To overcome the limitations of dose–volume-based criteria, they may be supplemented with biologic (or dose–response-based) criteria, for instance, in terms of such indices as tumor control probability (TCP), normal tissue complication probabilities (NTCPs), and equivalent uniform dose (EUD). Dose–response-based objective functions are the subject of ongoing investigations (94,144).
Objective Function Parameters
The desired IMRT dose distributions are specified in terms of parameters of the objective function. In Equation 9.1, for instance, the parameters of the objective function are the desired dose limits DT,0 and Dn,0 for target and normal structures and the relative importance (or penalty) factors pn for deviating from desired dose limits.

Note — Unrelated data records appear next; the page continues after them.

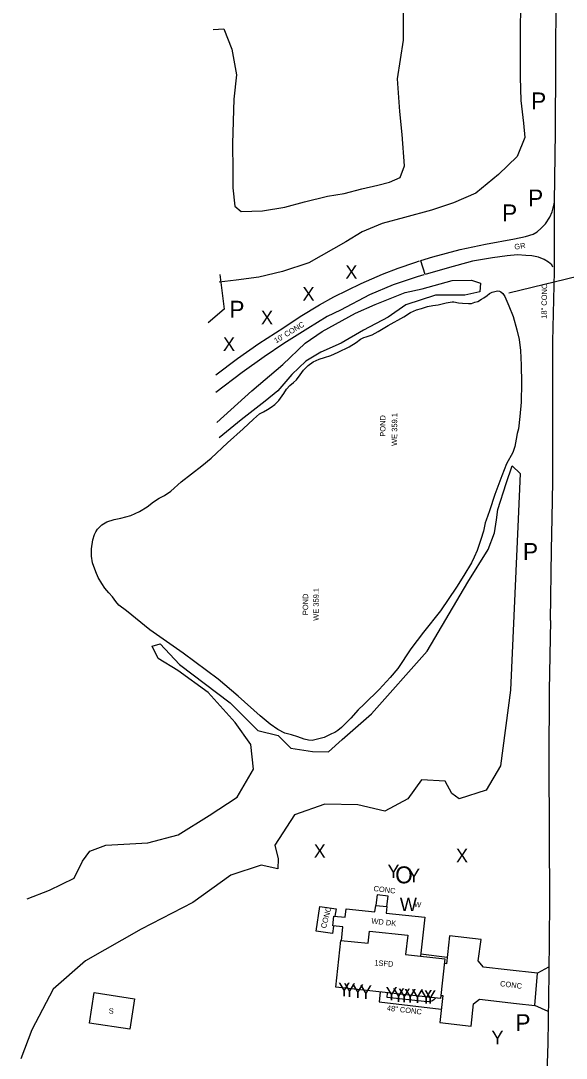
# Model space of a CAD drawing. Extents: x 2030130 to 2036320, y 723205 to 762423.
# Drawn here: x 2030882 to 2031285, y 727451 to 728217 of the extents above; entities that cross this region are included whole.
import ezdxf

# ---------------------------------------------------------------- set-up
doc = ezdxf.new("R2010")
doc.units = 0
for name, color, linetype in [('Draft_Station Cardinal Points', 7, 'Continuous'), ('Draft_Station Labels Major', 7, 'Continuous'), ('Draft_Station Tics Major', 7, 'Continuous'), ('Draft_Station Tics Minor', 7, 'Continuous'), ('Exist Terrain Model Ground Surface', 7, 'Continuous'), ('Old_Level_23', 7, 'Continuous'), ('Old_Level_26', 7, 'Continuous'), ('Old_Level_28', 7, 'Continuous'), ('Prop Alignment Horizontal', 7, 'Continuous'), ('Prop Alignment Vertical', 7, 'Continuous'), ('Prop Horizontal Alignment Ramp', 7, 'Continuous')]:
    doc.layers.add(name, color=color, linetype=linetype)

msp = doc.modelspace()

# ---------------------------------------------------------------- linework, layer by layer
at = {"layer": 'Draft_Station Labels Major'}
for p, q in [((2031180.53, 728029.84), (2031177.25, 728039.81)), ((2031272.99, 727774.55), (2031271.81, 727722.76))]:
    msp.add_line(p, q, dxfattribs=at)
for points in [[(2031274.1, 727850.02), (2031274.7, 727877.12), (2031274.54, 727929.23), (2031274.69, 727980.31), (2031275.85, 728031.88), (2031275.79, 728083.45), (2031276.57, 728134.69), (2031276.91, 728185.69), (2031277.1, 728237.55), (2031277.45, 728288.61), (2031278.77, 728342.05), (2031280.83, 728391.92), (2031282.52, 728442.43)], [(2031177.2, 728040.05), (2031186.19, 728042.91), (2031206.35, 728048.17), (2031224.94, 728052.06), (2031246.34, 728056.03), (2031254.56, 728057.77), (2031260.11, 728059.63), (2031263.1, 728061.21), (2031265.9, 728063.91), (2031269.27, 728067.26), (2031272.32, 728072.04), (2031274.06, 728075.9), (2031275.53, 728081.85), (2031275.59, 728082.45)], [(2031274.64, 728035.24), (2031273.75, 728036.78), (2031271.52, 728038.92), (2031268.31, 728040.8), (2031263.92, 728042.54), (2031259.21, 728043.43), (2031254.64, 728043.86), (2031248.63, 728044.22), (2031240.99, 728043.59), (2031230.09, 728042.1), (2031215.34, 728039.54), (2031196.76, 728034.41), (2031180.42, 728029.7)], [(2031025.92, 727955.7), (2031041.93, 727967.87), (2031057.8, 727978.86), (2031076.22, 727990.72), (2031088.13, 727998.82), (2031102.52, 728007.45), (2031113.14, 728013.25), (2031133.2, 728023.03), (2031148.84, 728030.04), (2031160.38, 728034.41), (2031172.83, 728038.65), (2031176.28, 728039.75)], [(2031179.4, 728029.41), (2031174.58, 728028.02), (2031156.91, 728022.04), (2031139.25, 728014.64), (2031117.89, 728003.35), (2031108.18, 727998.66), (2031093.8, 727989.9), (2031076.16, 727978.77), (2031061.58, 727968.89), (2031045.31, 727957.44), (2031025.86, 727942.7)], [(2031272.99, 727774.55), (2031273.58, 727826.61), (2031274.1, 727850.02)], [(2031271.81, 727722.76), (2031271.54, 727670.95), (2031271.98, 727617.05), (2031272.17, 727566.07), (2031271.57, 727513.89), (2031270.8, 727462.29), (2031269.09, 727411.4), (2031266.76, 727360.17), (2031267.41, 727307.86), (2031267.22, 727254.5), (2031266.37, 727203.11), (2031265.79, 727153.75), (2031265.27, 727099.78), (2031264.12, 727048.66), (2031262.61, 726996.01), (2031261.43, 726946.21)], [(2031223.4, 727518.73), (2031219.59, 727523.32), (2031221.62, 727538.99), (2031198.28, 727541.68), (2031196.16, 727521.18), (2031194.33, 727521.42)], [(2031191.75, 727497.82), (2031193.41, 727497.64), (2031191.22, 727477.74), (2031214.3, 727475.25), (2031216.06, 727491.52), (2031220.52, 727494.99), (2031247.83, 727491.95), (2031261.38, 727490.49), (2031263.2, 727514.22)], [(2031263.2, 727514.22), (2031240.99, 727516.79), (2031223.4, 727518.73)], [(2031271.53, 727518.68), (2031263.2, 727514.22)], [(2031271.1, 727485.86), (2031261.38, 727490.49)]]:
    msp.add_lwpolyline(points, dxfattribs=at)
at = {"layer": 'Draft_Station Tics Major'}
for points in [[(2031206.59, 728453.19), (2031221.28, 728469.6), (2031240.31, 728469.71), (2031248.08, 728451.73), (2031251.95, 728423.17), (2031248.15, 728389.88), (2031244.91, 728374.27), (2031246.53, 728356.25), (2031250.16, 728338.75), (2031250.31, 728311.6), (2031250.46, 728283.61), (2031250.72, 728235.61), (2031250.63, 728202.34), (2031250.44, 728175.37)], [(2031160.08, 728174.16), (2031164.33, 728202.74), (2031164.15, 728251.15), (2031178.23, 728263.68), (2031208.49, 728279.44), (2031219.3, 728289.44), (2031228.01, 728313.69), (2031229.01, 728334.8), (2031227.98, 728344.93), (2031215.6, 728354.73), (2031208.94, 728361.5), (2031201.3, 728378.98), (2031196.47, 728394.5), (2031196.03, 728411.67), (2031195.95, 728426.61), (2031201.27, 728443.63), (2031206.59, 728453.19)], [(2031024.04, 728210.65), (2031031.82, 728211.09), (2031037.77, 728196.07), (2031041.27, 728177.06), (2031039.21, 728159.18)], [(2031250.44, 728175.37), (2031250.99, 728158.14), (2031252.92, 728141.51), (2031254.03, 728130.73), (2031248.32, 728116.89), (2031234.58, 728103.53), (2031217.75, 728089.83), (2031201.28, 728082.57), (2031185, 728077.29), (2031165.23, 728071.85), (2031148.81, 728067.29), (2031133.85, 728061.36), (2031121.98, 728053.93), (2031094.51, 728038.39), (2031075.21, 728031.91), (2031057.8, 728027.8), (2031040.97, 728025.61), (2031028.42, 728024.03)], [(2031039.21, 728159.18), (2031038.26, 728126.42), (2031038.5, 728106.16), (2031038.57, 728093.6), (2031039.89, 728080.26), (2031044.58, 728076.27), (2031060.43, 728076.75), (2031076.86, 728079.47), (2031091.37, 728083.36), (2031108.45, 728087.6), (2031120.61, 728089.44), (2031133.68, 728093.06), (2031145.5, 728095.62), (2031154.04, 728097.84), (2031161.98, 728101.3), (2031165.09, 728109.87), (2031163.45, 728133.08), (2031161.85, 728150.04), (2031160.08, 728174.16)], [(2031026.61, 727920.56), (2031052.53, 727943.85), (2031075.51, 727963.44), (2031091.8, 727979.05), (2031104.51, 727987.67), (2031128.92, 728001.25), (2031143.44, 728007.7), (2031165.58, 728016.45), (2031178.26, 728019.22), (2031200.4, 728025.41), (2031214.54, 728025.55), (2031221.13, 728023.35), (2031220.84, 728016.97), (2031209.6, 728014.48), (2031188.14, 728014.5), (2031166.14, 728007.48), (2031153.13, 727998.32), (2031134.83, 727988.62), (2031118.37, 727979), (2031103.41, 727972.54), (2031092.27, 727965.7), (2031082.12, 727955.98), (2031071.73, 727944.02), (2031062.37, 727936.34), (2031044.75, 727922.57), (2031028.31, 727909.32)], [(2031232.93, 727848.79), (2031234.08, 727856.43), (2031240.25, 727875.67), (2031244.63, 727888.55), (2031250.5, 727883.05), (2031248.98, 727849.27)], [(2031248.98, 727849.27), (2031243.28, 727723.11), (2031236, 727667.32), (2031225.46, 727649.22), (2031205.4, 727642.81), (2031200.07, 727646.86), (2031195.09, 727655.82), (2031177.74, 727656.84), (2031167.68, 727642.85), (2031150.7, 727633.69), (2031130.8, 727638.4), (2031106.44, 727638.96), (2031083.89, 727631.07), (2031069.41, 727608.7), (2031072.02, 727598.67), (2031071.69, 727591.12), (2031059.49, 727593.92), (2031037.06, 727586.56), (2031008.93, 727566.44), (2030970.87, 727546.62), (2030929.93, 727523.34), (2030905.91, 727502.47), (2030890.18, 727472.54), (2030882.04, 727451.02)], [(2030886.88, 727569.12), (2030903.36, 727575.5), (2030921.41, 727584.27), (2030927.64, 727596.9), (2030933.13, 727604.23), (2030944.87, 727608.58), (2030975.82, 727610.33), (2030998.13, 727616.36), (2031021.16, 727630.48), (2031041.81, 727644.17), (2031053.79, 727664.67), (2031051.89, 727683.05), (2031040.36, 727699.22), (2031020.3, 727721.26), (2030997.91, 727737.46), (2030983.4, 727746.32), (2030978.95, 727755.41), (2030985.02, 727757.19), (2030999.06, 727742.05), (2031036.59, 727713.63), (2031057.03, 727693.31), (2031071.95, 727689.72), (2031081.24, 727680.3), (2031097.19, 727677.69), (2031109.11, 727677.67), (2031119.22, 727686.73), (2031140.88, 727705.59), (2031182, 727751.91), (2031211.83, 727802.75), (2031226.95, 727826.84), (2031231.47, 727839.06), (2031232.93, 727848.79)]]:
    msp.add_lwpolyline(points, dxfattribs=at)
at = {"layer": 'Draft_Station Tics Minor'}
msp.add_line((2031312.69, 728033.06), (2031242.09, 728015.98), dxfattribs=at)
at = {"layer": 'Exist Terrain Model Ground Surface'}
for points in [[(2031028.93, 728029.72), (2031032.22, 728004.12), (2031020.27, 727994.18)], [(2031152.23, 727563.36), (2031153.09, 727571.04), (2031144.91, 727571.97), (2031144.08, 727564.4)], [(2031112.81, 727548.9), (2031112.04, 727543.62), (2031100, 727545.35), (2031102.63, 727563.49), (2031114.67, 727561.76), (2031113.87, 727556.23)], [(2031118.68, 727538.12), (2031119.77, 727548.33), (2031112.27, 727549.14), (2031113.1, 727556.41), (2031121.48, 727555.51), (2031122.17, 727561.81), (2031143.4, 727559.5), (2031143.92, 727564.29), (2031152.2, 727563.4), (2031151.67, 727558.52), (2031180.15, 727555.47), (2031177.08, 727526.78)], [(2031196.63, 727525.71), (2031177.22, 727528.23)], [(2031147.11, 727500.23), (2031146.45, 727493.04), (2031192.32, 727487.69)], [(2031188.14, 727495.88), (2031187.18, 727494.74), (2031185.74, 727493.87), (2031184.09, 727493.26), (2031182.51, 727493.18), (2031179.6, 727493.35), (2031152.29, 727496.4), (2031152.68, 727499.84)]]:
    msp.add_lwpolyline(points, dxfattribs=at)
for points in [[(2031139.3, 727545.33), (2031167.51, 727542.19), (2031165.94, 727528.06), (2031194.81, 727524.89), (2031191.66, 727495.65), (2031114.54, 727504), (2031118.31, 727538.43), (2031138.38, 727536.33)], [(2030936.2, 727499.88), (2030966.07, 727495.31), (2030962.64, 727472.88), (2030932.78, 727477.42)]]:
    msp.add_lwpolyline(points, close=True, dxfattribs=at)
at = {"layer": 'Prop Alignment Horizontal'}
for points in [[(2031208, 728008.58), (2031212.36, 728008.3), (2031214.67, 728008.45), (2031217.11, 728009.27), (2031219.35, 728009.82), (2031221.98, 728011.49), (2031223.69, 728012.57), (2031226.18, 728014.31), (2031227.89, 728015.78), (2031229.79, 728016.79), (2031231.77, 728017.34), (2031233.68, 728017.68), (2031235.21, 728017.37), (2031236.2, 728016.98), (2031237.8, 728015.74), (2031239.08, 728013.44), (2031242.12, 728006.53), (2031245.23, 727998.69), (2031248.16, 727989.01), (2031249.88, 727981.76), (2031250.75, 727973.64), (2031251.32, 727962.87), (2031251.57, 727949.79), (2031251.25, 727935.44)], [(2031106.14, 727968.63), (2031110.75, 727970.06), (2031116.15, 727972.43), (2031124.37, 727976.47), (2031129.63, 727979.56), (2031132.71, 727981.97), (2031135.15, 727983.38), (2031136.86, 727983.79), (2031141.21, 727985.29), (2031145.74, 727987.71), (2031153.1, 727992.07), (2031164.67, 727998.53), (2031169.6, 728001.68), (2031174.08, 728003.64), (2031177.63, 728004.73), (2031182.18, 728006.16), (2031186.14, 728006.86), (2031189.9, 728007.29), (2031193.06, 728008.18), (2031196.03, 728008.93), (2031200.39, 728009.64), (2031201.58, 728009.52), (2031204.89, 728008.89), (2031208, 728008.58)], [(2030937.56, 727839.92), (2030938.7, 727841.95), (2030941.77, 727845.15), (2030945.65, 727847.36), (2030951.05, 727848.87), (2030955.87, 727849.91), (2030963.38, 727851.96), (2030969.76, 727854.93), (2030975.42, 727858.22), (2030980.01, 727862.1), (2030984.28, 727864.71), (2030988.16, 727866.67), (2030992.75, 727870.01), (2031000.48, 727876.83), (2031015.57, 727888.6), (2031022.52, 727894.22), (2031034.58, 727905.57), (2031046.04, 727915.85), (2031053.84, 727923.13), (2031058.1, 727926.87), (2031061.19, 727928.49), (2031064.08, 727930.23), (2031066.84, 727931.84), (2031069.46, 727933.92), (2031072.48, 727936.79), (2031076.06, 727941.91), (2031078.21, 727945.1), (2031080.57, 727947.84), (2031083.39, 727950.04), (2031085.48, 727951.98), (2031088.16, 727955.64), (2031090.77, 727959.17), (2031094.17, 727962.64), (2031097.85, 727965.38), (2031102.12, 727967.4), (2031106.14, 727968.63)], [(2031251.25, 727935.44), (2031250.22, 727925.06), (2031249.32, 727915.8), (2031248.36, 727912.55), (2031247.47, 727908.31), (2031246.67, 727902.75), (2031245.12, 727898.31), (2031240.44, 727890.01), (2031237.09, 727881.12), (2031231.8, 727867.32), (2031227.82, 727855.26), (2031225.38, 727848.56)], [(2031225.38, 727848.56), (2031224.6, 727846.44), (2031223.34, 727840.35), (2031221.48, 727834.18), (2031218.71, 727826.09), (2031216.64, 727821.25), (2031214.5, 727817.07), (2031209.04, 727807.57), (2031203.64, 727799.12), (2031191.71, 727781.5), (2031179.1, 727765.85), (2031169.77, 727753.53), (2031160.33, 727739.1), (2031154.64, 727732.37), (2031146.6, 727723.44), (2031143.13, 727720.11), (2031139.06, 727716.37), (2031135.53, 727712.76), (2031131.01, 727708.56), (2031125.52, 727702.43), (2031121.72, 727698.49), (2031118.64, 727695.56), (2031115.89, 727693.22), (2031113.72, 727691.81), (2031111.35, 727690.79), (2031108.79, 727689.58), (2031105.83, 727688.03), (2031102.99, 727687.28), (2031099.96, 727686.59), (2031097.06, 727685.97), (2031094.28, 727686.14), (2031091.04, 727686.9), (2031086.53, 727688.58), (2031081.69, 727690.12), (2031076.85, 727691.26), (2031071.6, 727694.12), (2031066.15, 727698.03), (2031058.69, 727704.04), (2031042.56, 727718.56), (2031027.77, 727731.11), (2031001.75, 727750.29), (2030977.27, 727767.64), (2030959.95, 727781.55), (2030954.43, 727785.86), (2030952.22, 727788.54), (2030949.81, 727791.89), (2030946.94, 727794.97), (2030944.13, 727798.38), (2030941.85, 727801.86), (2030939.23, 727806.13), (2030937.41, 727810.48), (2030935.1, 727817), (2030934.26, 727821.95), (2030934.27, 727827.23), (2030935.14, 727833.92), (2030936.42, 727837.89), (2030937.56, 727839.92)]]:
    msp.add_lwpolyline(points, dxfattribs=at)

# ---------------------------------------------------------------- texts
at = {"layer": 'Draft_Station Cardinal Points'}
msp.add_text('O', height=12.5, dxfattribs=at).set_placement((2031158.29, 727580.53))
at = {"layer": 'Draft_Station Tics Major'}
for s, p in [('X', (2031121.51, 728026.59)), ('X', (2031089.89, 728010.44)), ('X', (2031059.27, 727992.98)), ('X', (2031031.23, 727973.43)), ('X', (2031098.16, 727599.37)), ('X', (2031203.14, 727596)), ('Y', (2031152.57, 727584.4)), ('Y', (2031167.68, 727581.24)), ('Y', (2031116.2, 727497.24)), ('Y', (2031120.18, 727496.75)), ('Y', (2031126.27, 727496.01)), ('Y', (2031132.24, 727495.14)), ('Y', (2031151.17, 727494.13)), ('Y', (2031156.34, 727492.99)), ('Y', (2031160.58, 727492.76)), ('Y', (2031164.95, 727492.54)), ('Y', (2031170.25, 727492.32)), ('Y', (2031176.74, 727491.72)), ('Y', (2031179.65, 727491.62)), ('Y', (2031229.3, 727461.78))]:
    msp.add_text(s, height=10, dxfattribs=at).set_placement(p)
at = {"layer": 'Exist Terrain Model Ground Surface'}
msp.add_text('W', height=10, dxfattribs=at).set_placement((2031161.73, 727560.01))
at = {"layer": 'Old_Level_23'}
for s, rotation, p in [('GR', 8.66852, (2031246.54, 728048.07)), ("10' CONC", 31.33907, (2031070.42, 727978.85)), ('CONC', 352.76281, (2031235.47, 727504.7))]:
    msp.add_text(s, height=4, rotation=rotation, dxfattribs=at).set_placement(p)
at = {"layer": 'Old_Level_26'}
msp.add_text('18" CONC', height=4, rotation=89.18178, dxfattribs=at).set_placement((2031270.05, 727997.07))
at = {"layer": 'Old_Level_28'}
for s, rotation, p in [('CONC', 353.28609, (2031142.15, 727574.83)), ('W', 352.60959, (2031172.02, 727563.21)), ('CONC', 75.23886, (2031107.17, 727546.93)), ('WD DK', 353.5132, (2031140.53, 727550.92)), ('1SFD', 355.60744, (2031142.78, 727519.98)), ('48" CONC', 353.43934, (2031151.97, 727486.64)), ('S', 356.13246, (2030946.81, 727484.47))]:
    msp.add_text(s, height=4, rotation=rotation, dxfattribs=at).set_placement(p)
at = {"layer": 'Prop Alignment Vertical'}
for s, p in [('POND', (2031151.09, 727910.05)), ('WE 359.1', (2031159.74, 727903.28)), ('WE 359.1', (2031101.85, 727774.25)), ('POND', (2031094.07, 727778.39))]:
    msp.add_text(s, height=4, rotation=89.84139, dxfattribs=at).set_placement(p)
at = {"layer": 'Prop Horizontal Alignment Ramp'}
for p in [(2031258.6, 728151.56), (2031256.36, 728079.96), (2031237.14, 728068.94), (2031035.96, 727997.86), (2031252.56, 727819.11), (2031246.97, 727471.48)]:
    msp.add_text('P', height=12.5, dxfattribs=at).set_placement(p)

doc.saveas('drawing.dxf')

Most often, the objective functions are specified in terms of one or more “soft” dose-volume constraints for each volume of interest, one for each constraint. That is, if the computed dose deviates from the desired value, the plan is not rejected, but it is assessed a penalty. The optimization software computes a “subscore” corresponding to each constraint. The subscore value depends on the deviation of dose distribution from the desired dose distributions and the penalty factor. The overall score of an IMRT plan is an accumulation of subscores of individual volumes of interest. The IMRT optimization system uses the IMRT plan score to arrive at the optimum plan according to the specified objective function. The optimized solution involves trade-offs that balance specified normal tissue objectives against each other and against tumor objectives. An IMRT treatment-planning system should provide parameters that allow the treatment planner to adjust the trade-off for each critical structure in a straightforward manner. An example of this is shown in Figure 9.13, where a head and neck target volume nearly abuts the parotid gland (9). Plans C and F use parameters that emphasize parotid-gland sparing and tumor coverage, respectively. This is an excellent example of the flexibility of moving the steep dose gradient in and out of the target volume.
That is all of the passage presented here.